- _Information provided_
------------

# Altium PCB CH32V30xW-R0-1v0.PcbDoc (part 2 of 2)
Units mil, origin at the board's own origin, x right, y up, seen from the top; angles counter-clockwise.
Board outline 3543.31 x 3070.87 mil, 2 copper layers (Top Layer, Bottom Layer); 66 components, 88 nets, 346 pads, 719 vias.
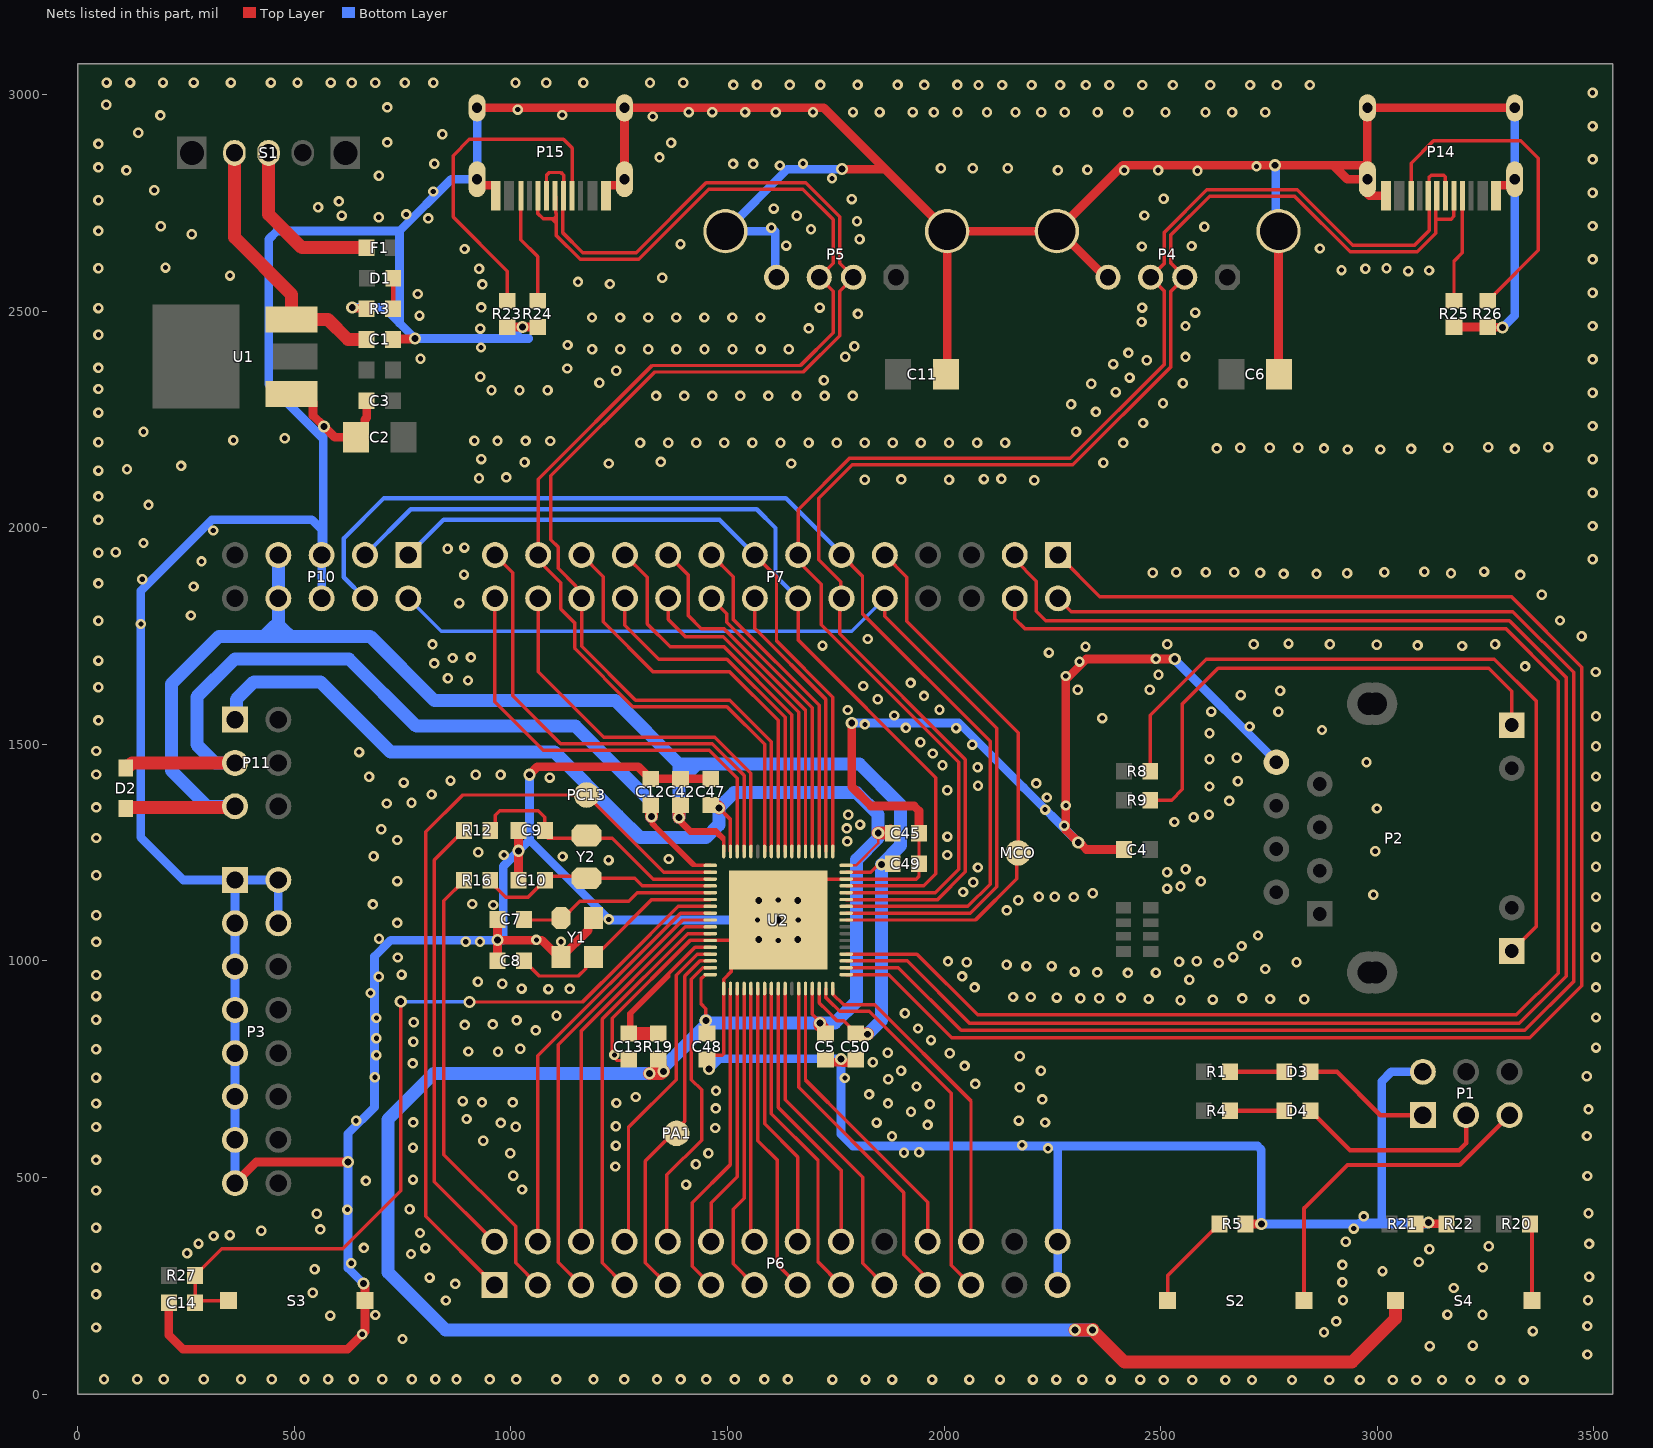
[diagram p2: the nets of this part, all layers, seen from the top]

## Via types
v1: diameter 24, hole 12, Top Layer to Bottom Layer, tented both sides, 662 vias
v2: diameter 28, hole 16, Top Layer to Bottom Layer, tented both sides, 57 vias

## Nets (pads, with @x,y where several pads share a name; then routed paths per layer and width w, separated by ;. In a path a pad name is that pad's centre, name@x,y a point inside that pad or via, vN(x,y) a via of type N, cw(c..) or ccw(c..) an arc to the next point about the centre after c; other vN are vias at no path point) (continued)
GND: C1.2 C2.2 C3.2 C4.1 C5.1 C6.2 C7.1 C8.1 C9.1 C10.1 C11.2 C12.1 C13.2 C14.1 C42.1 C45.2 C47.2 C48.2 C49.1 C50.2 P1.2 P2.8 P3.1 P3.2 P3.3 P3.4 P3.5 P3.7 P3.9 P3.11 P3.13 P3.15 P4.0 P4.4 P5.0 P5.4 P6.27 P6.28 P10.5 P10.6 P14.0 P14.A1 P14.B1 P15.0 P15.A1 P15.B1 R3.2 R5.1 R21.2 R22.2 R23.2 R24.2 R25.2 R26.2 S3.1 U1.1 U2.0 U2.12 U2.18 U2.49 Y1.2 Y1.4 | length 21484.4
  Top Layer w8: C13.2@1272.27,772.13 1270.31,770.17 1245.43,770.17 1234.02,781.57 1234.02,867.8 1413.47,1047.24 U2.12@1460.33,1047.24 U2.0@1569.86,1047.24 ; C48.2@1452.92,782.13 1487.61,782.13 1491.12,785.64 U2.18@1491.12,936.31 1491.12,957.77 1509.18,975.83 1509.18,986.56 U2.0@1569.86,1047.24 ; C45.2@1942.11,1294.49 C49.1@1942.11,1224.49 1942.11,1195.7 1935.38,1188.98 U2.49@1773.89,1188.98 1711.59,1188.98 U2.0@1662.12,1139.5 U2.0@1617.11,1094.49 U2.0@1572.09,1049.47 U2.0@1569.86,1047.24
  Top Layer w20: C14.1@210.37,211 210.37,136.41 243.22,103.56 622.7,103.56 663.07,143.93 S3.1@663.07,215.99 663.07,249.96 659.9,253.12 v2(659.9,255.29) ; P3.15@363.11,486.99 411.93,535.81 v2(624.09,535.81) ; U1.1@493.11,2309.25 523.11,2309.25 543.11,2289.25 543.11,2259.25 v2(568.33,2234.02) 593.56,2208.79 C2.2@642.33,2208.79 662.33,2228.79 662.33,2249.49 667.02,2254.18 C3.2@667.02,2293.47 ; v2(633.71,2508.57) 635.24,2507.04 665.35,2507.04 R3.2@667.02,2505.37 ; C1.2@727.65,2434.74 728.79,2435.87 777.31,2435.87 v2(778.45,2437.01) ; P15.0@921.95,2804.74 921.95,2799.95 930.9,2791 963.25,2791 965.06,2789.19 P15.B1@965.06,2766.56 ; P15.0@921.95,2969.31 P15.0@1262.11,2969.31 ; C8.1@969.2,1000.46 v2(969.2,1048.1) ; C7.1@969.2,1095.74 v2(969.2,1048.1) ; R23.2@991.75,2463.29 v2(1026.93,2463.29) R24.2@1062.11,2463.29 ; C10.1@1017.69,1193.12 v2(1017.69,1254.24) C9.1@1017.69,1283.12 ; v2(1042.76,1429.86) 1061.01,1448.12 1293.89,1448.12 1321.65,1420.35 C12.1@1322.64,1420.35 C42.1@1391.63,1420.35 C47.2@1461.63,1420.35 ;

------------

- _Goal of the exercise_
Please copy the data shown above, line by line and exactly, omitting the images.

- _Exercise solution_
# Altium PCB CH32V30xW-R0-1v0.PcbDoc (part 2 of 2)
Units mil, origin at the board's own origin, x right, y up, seen from the top; angles counter-clockwise.
Board outline 3543.31 x 3070.87 mil, 2 copper layers (Top Layer, Bottom Layer); 66 components, 88 nets, 346 pads, 719 vias.
[diagram p2: the nets of this part, all layers, seen from the top]

## Via types
v1: diameter 24, hole 12, Top Layer to Bottom Layer, tented both sides, 662 vias
v2: diameter 28, hole 16, Top Layer to Bottom Layer, tented both sides, 57 vias

## Nets (pads, with @x,y where several pads share a name; then routed paths per layer and width w, separated by ;. In a path a pad name is that pad's centre, name@x,y a point inside that pad or via, vN(x,y) a via of type N, cw(c..) or ccw(c..) an arc to the next point about the centre after c; other vN are vias at no path point) (continued)
GND: C1.2 C2.2 C3.2 C4.1 C5.1 C6.2 C7.1 C8.1 C9.1 C10.1 C11.2 C12.1 C13.2 C14.1 C42.1 C45.2 C47.2 C48.2 C49.1 C50.2 P1.2 P2.8 P3.1 P3.2 P3.3 P3.4 P3.5 P3.7 P3.9 P3.11 P3.13 P3.15 P4.0 P4.4 P5.0 P5.4 P6.27 P6.28 P10.5 P10.6 P14.0 P14.A1 P14.B1 P15.0 P15.A1 P15.B1 R3.2 R5.1 R21.2 R22.2 R23.2 R24.2 R25.2 R26.2 S3.1 U1.1 U2.0 U2.12 U2.18 U2.49 Y1.2 Y1.4 | length 21484.4
  Top Layer w8: C13.2@1272.27,772.13 1270.31,770.17 1245.43,770.17 1234.02,781.57 1234.02,867.8 1413.47,1047.24 U2.12@1460.33,1047.24 U2.0@1569.86,1047.24 ; C48.2@1452.92,782.13 1487.61,782.13 1491.12,785.64 U2.18@1491.12,936.31 1491.12,957.77 1509.18,975.83 1509.18,986.56 U2.0@1569.86,1047.24 ; C45.2@1942.11,1294.49 C49.1@1942.11,1224.49 1942.11,1195.7 1935.38,1188.98 U2.49@1773.89,1188.98 1711.59,1188.98 U2.0@1662.12,1139.5 U2.0@1617.11,1094.49 U2.0@1572.09,1049.47 U2.0@1569.86,1047.24
  Top Layer w20: C14.1@210.37,211 210.37,136.41 243.22,103.56 622.7,103.56 663.07,143.93 S3.1@663.07,215.99 663.07,249.96 659.9,253.12 v2(659.9,255.29) ; P3.15@363.11,486.99 411.93,535.81 v2(624.09,535.81) ; U1.1@493.11,2309.25 523.11,2309.25 543.11,2289.25 543.11,2259.25 v2(568.33,2234.02) 593.56,2208.79 C2.2@642.33,2208.79 662.33,2228.79 662.33,2249.49 667.02,2254.18 C3.2@667.02,2293.47 ; v2(633.71,2508.57) 635.24,2507.04 665.35,2507.04 R3.2@667.02,2505.37 ; C1.2@727.65,2434.74 728.79,2435.87 777.31,2435.87 v2(778.45,2437.01) ; P15.0@921.95,2804.74 921.95,2799.95 930.9,2791 963.25,2791 965.06,2789.19 P15.B1@965.06,2766.56 ; P15.0@921.95,2969.31 P15.0@1262.11,2969.31 ; C8.1@969.2,1000.46 v2(969.2,1048.1) ; C7.1@969.2,1095.74 v2(969.2,1048.1) ; R23.2@991.75,2463.29 v2(1026.93,2463.29) R24.2@1062.11,2463.29 ; C10.1@1017.69,1193.12 v2(1017.69,1254.24) C9.1@1017.69,1283.12 ; v2(1042.76,1429.86) 1061.01,1448.12 1293.89,1448.12 1321.65,1420.35 C12.1@1322.64,1420.35 C42.1@1391.63,1420.35 C47.2@1461.63,1420.35 ;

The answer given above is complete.